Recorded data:
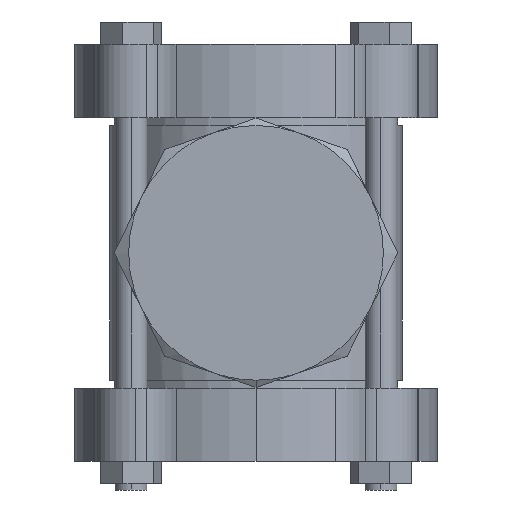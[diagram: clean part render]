
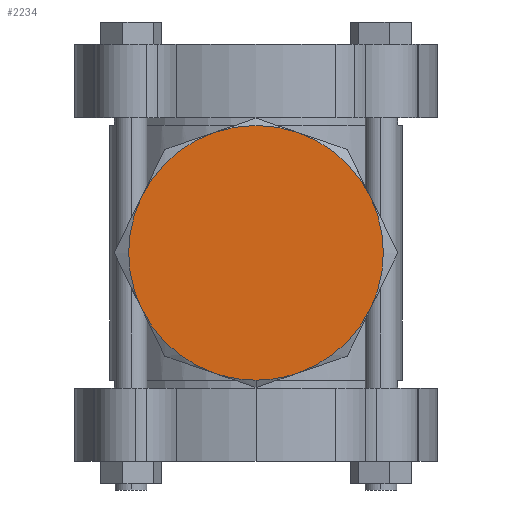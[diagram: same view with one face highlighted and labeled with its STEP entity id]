
A CAD part, left-side view. The second image highlights one B-rep face of the part: STEP entity #2234.
In plain terms, the highlighted planar face has unit normal (-1, 0, 0).
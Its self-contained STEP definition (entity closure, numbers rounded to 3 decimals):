
#44 = EDGE_CURVE ( 'NONE', #5897, #6286, #353, .T. ) ;
#86 = CARTESIAN_POINT ( 'NONE',  ( -81., 0., 0. ) ) ;
#103 = DIRECTION ( 'NONE',  ( 0., 0., -1. ) ) ;
#211 = DIRECTION ( 'NONE',  ( 1., 0., 0. ) ) ;
#218 = DIRECTION ( 'NONE',  ( 0., 0., -1. ) ) ;
#296 = PLANE ( 'NONE',  #2321 ) ;
#353 = CIRCLE ( 'NONE', #3074, 40. ) ;
#376 = AXIS2_PLACEMENT_3D ( 'NONE', #2603, #3188, #1596 ) ;
#561 = AXIS2_PLACEMENT_3D ( 'NONE', #3323, #4325, #218 ) ;
#702 = DIRECTION ( 'NONE',  ( 1., 0., 0. ) ) ;
#735 = VERTEX_POINT ( 'NONE', #889 ) ;
#854 = CARTESIAN_POINT ( 'NONE',  ( -81., -35.927, 17.585 ) ) ;
#889 = CARTESIAN_POINT ( 'NONE',  ( -81., -12.97, -37.839 ) ) ;
#1176 = DIRECTION ( 'NONE',  ( 1., 0., 0. ) ) ;
#1218 = AXIS2_PLACEMENT_3D ( 'NONE', #6439, #6302, #103 ) ;
#1270 = DIRECTION ( 'NONE',  ( 0., 0., -1. ) ) ;
#1299 = ORIENTED_EDGE ( 'NONE', *, *, #44, .F. ) ;
#1360 = CARTESIAN_POINT ( 'NONE',  ( -81., 0., 0. ) ) ;
#1466 = CIRCLE ( 'NONE', #376, 40. ) ;
#1596 = DIRECTION ( 'NONE',  ( 0., 0., -1. ) ) ;
#1866 = DIRECTION ( 'NONE',  ( 0., 0., -1. ) ) ;
#1945 = ORIENTED_EDGE ( 'NONE', *, *, #5722, .F. ) ;
#2021 = ORIENTED_EDGE ( 'NONE', *, *, #3862, .F. ) ;
#2072 = AXIS2_PLACEMENT_3D ( 'NONE', #3851, #5931, #1270 ) ;
#2095 = CIRCLE ( 'NONE', #5349, 40. ) ;
#2136 = CARTESIAN_POINT ( 'NONE',  ( -81., -12.97, 37.839 ) ) ;
#2199 = VERTEX_POINT ( 'NONE', #5428 ) ;
#2234 = ADVANCED_FACE ( 'NONE', ( #2269 ), #296, .F. ) ;
#2269 = FACE_OUTER_BOUND ( 'NONE', #6065, .T. ) ;
#2291 = DIRECTION ( 'NONE',  ( 0., 0., -1. ) ) ;
#2321 = AXIS2_PLACEMENT_3D ( 'NONE', #1360, #702, #1866 ) ;
#2459 = ORIENTED_EDGE ( 'NONE', *, *, #4028, .T. ) ;
#2603 = CARTESIAN_POINT ( 'NONE',  ( -81., 0., 0. ) ) ;
#2616 = AXIS2_PLACEMENT_3D ( 'NONE', #86, #1176, #5802 ) ;
#2623 = DIRECTION ( 'NONE',  ( 1., 0., 0. ) ) ;
#2643 = DIRECTION ( 'NONE',  ( 0., 0., 1. ) ) ;
#2846 = ORIENTED_EDGE ( 'NONE', *, *, #6565, .F. ) ;
#3074 = AXIS2_PLACEMENT_3D ( 'NONE', #5245, #2623, #5666 ) ;
#3097 = ORIENTED_EDGE ( 'NONE', *, *, #6093, .F. ) ;
#3188 = DIRECTION ( 'NONE',  ( 1., 0., 0. ) ) ;
#3273 = DIRECTION ( 'NONE',  ( 1., 0., 0. ) ) ;
#3277 = CIRCLE ( 'NONE', #4145, 40. ) ;
#3323 = CARTESIAN_POINT ( 'NONE',  ( -81., 0., 0. ) ) ;
#3456 = VERTEX_POINT ( 'NONE', #4965 ) ;
#3556 = CARTESIAN_POINT ( 'NONE',  ( -81., -35.927, -17.585 ) ) ;
#3699 = CARTESIAN_POINT ( 'NONE',  ( -81., 0., 0. ) ) ;
#3734 = EDGE_CURVE ( 'NONE', #6222, #735, #4791, .T. ) ;
#3851 = CARTESIAN_POINT ( 'NONE',  ( -81., 0., 0. ) ) ;
#3862 = EDGE_CURVE ( 'NONE', #6711, #4020, #6435, .T. ) ;
#4020 = VERTEX_POINT ( 'NONE', #2136 ) ;
#4028 = EDGE_CURVE ( 'NONE', #6711, #6286, #3277, .T. ) ;
#4052 = CIRCLE ( 'NONE', #1218, 40. ) ;
#4145 = AXIS2_PLACEMENT_3D ( 'NONE', #3699, #4273, #2643 ) ;
#4273 = DIRECTION ( 'NONE',  ( -1., 0., 0. ) ) ;
#4325 = DIRECTION ( 'NONE',  ( 1., 0., 0. ) ) ;
#4564 = ORIENTED_EDGE ( 'NONE', *, *, #4847, .F. ) ;
#4791 = CIRCLE ( 'NONE', #2616, 40. ) ;
#4847 = EDGE_CURVE ( 'NONE', #3456, #5897, #1466, .T. ) ;
#4865 = DIRECTION ( 'NONE',  ( 0., 0., -1. ) ) ;
#4965 = CARTESIAN_POINT ( 'NONE',  ( -81., 12.97, -37.839 ) ) ;
#5007 = CIRCLE ( 'NONE', #2072, 40. ) ;
#5028 = ORIENTED_EDGE ( 'NONE', *, *, #3734, .F. ) ;
#5074 = CARTESIAN_POINT ( 'NONE',  ( -81., 35.927, -17.585 ) ) ;
#5154 = CARTESIAN_POINT ( 'NONE',  ( -81., 35.927, 17.585 ) ) ;
#5210 = CARTESIAN_POINT ( 'NONE',  ( -81., 12.97, 37.839 ) ) ;
#5245 = CARTESIAN_POINT ( 'NONE',  ( -81., 0., 0. ) ) ;
#5305 = CARTESIAN_POINT ( 'NONE',  ( -81., 0., 0. ) ) ;
#5349 = AXIS2_PLACEMENT_3D ( 'NONE', #5393, #211, #2291 ) ;
#5393 = CARTESIAN_POINT ( 'NONE',  ( -81., 0., 0. ) ) ;
#5428 = CARTESIAN_POINT ( 'NONE',  ( -81., 0., -40. ) ) ;
#5443 = CIRCLE ( 'NONE', #6206, 40. ) ;
#5666 = DIRECTION ( 'NONE',  ( 0., 0., -1. ) ) ;
#5722 = EDGE_CURVE ( 'NONE', #735, #2199, #4052, .T. ) ;
#5802 = DIRECTION ( 'NONE',  ( 0., 0., -1. ) ) ;
#5886 = VERTEX_POINT ( 'NONE', #854 ) ;
#5897 = VERTEX_POINT ( 'NONE', #5074 ) ;
#5931 = DIRECTION ( 'NONE',  ( 1., 0., 0. ) ) ;
#6065 = EDGE_LOOP ( 'NONE', ( #4564, #2846, #1945, #5028, #6223, #3097, #2021, #2459, #1299 ) ) ;
#6093 = EDGE_CURVE ( 'NONE', #4020, #5886, #2095, .T. ) ;
#6206 = AXIS2_PLACEMENT_3D ( 'NONE', #5305, #3273, #4865 ) ;
#6222 = VERTEX_POINT ( 'NONE', #3556 ) ;
#6223 = ORIENTED_EDGE ( 'NONE', *, *, #6473, .F. ) ;
#6286 = VERTEX_POINT ( 'NONE', #5154 ) ;
#6302 = DIRECTION ( 'NONE',  ( 1., 0., 0. ) ) ;
#6435 = CIRCLE ( 'NONE', #561, 40. ) ;
#6439 = CARTESIAN_POINT ( 'NONE',  ( -81., 0., 0. ) ) ;
#6473 = EDGE_CURVE ( 'NONE', #5886, #6222, #5443, .T. ) ;
#6565 = EDGE_CURVE ( 'NONE', #2199, #3456, #5007, .T. ) ;
#6711 = VERTEX_POINT ( 'NONE', #5210 ) ;

• Instructions to follow
Out of the records above, pull the lines that include the word "CIRCLE".

• Solution to this problem
#353 = CIRCLE ( 'NONE', #3074, 40. ) ;
#1466 = CIRCLE ( 'NONE', #376, 40. ) ;
#2095 = CIRCLE ( 'NONE', #5349, 40. ) ;
#3277 = CIRCLE ( 'NONE', #4145, 40. ) ;
#4052 = CIRCLE ( 'NONE', #1218, 40. ) ;
#4791 = CIRCLE ( 'NONE', #2616, 40. ) ;
#5007 = CIRCLE ( 'NONE', #2072, 40. ) ;
#5443 = CIRCLE ( 'NONE', #6206, 40. ) ;
#6435 = CIRCLE ( 'NONE', #561, 40. ) ;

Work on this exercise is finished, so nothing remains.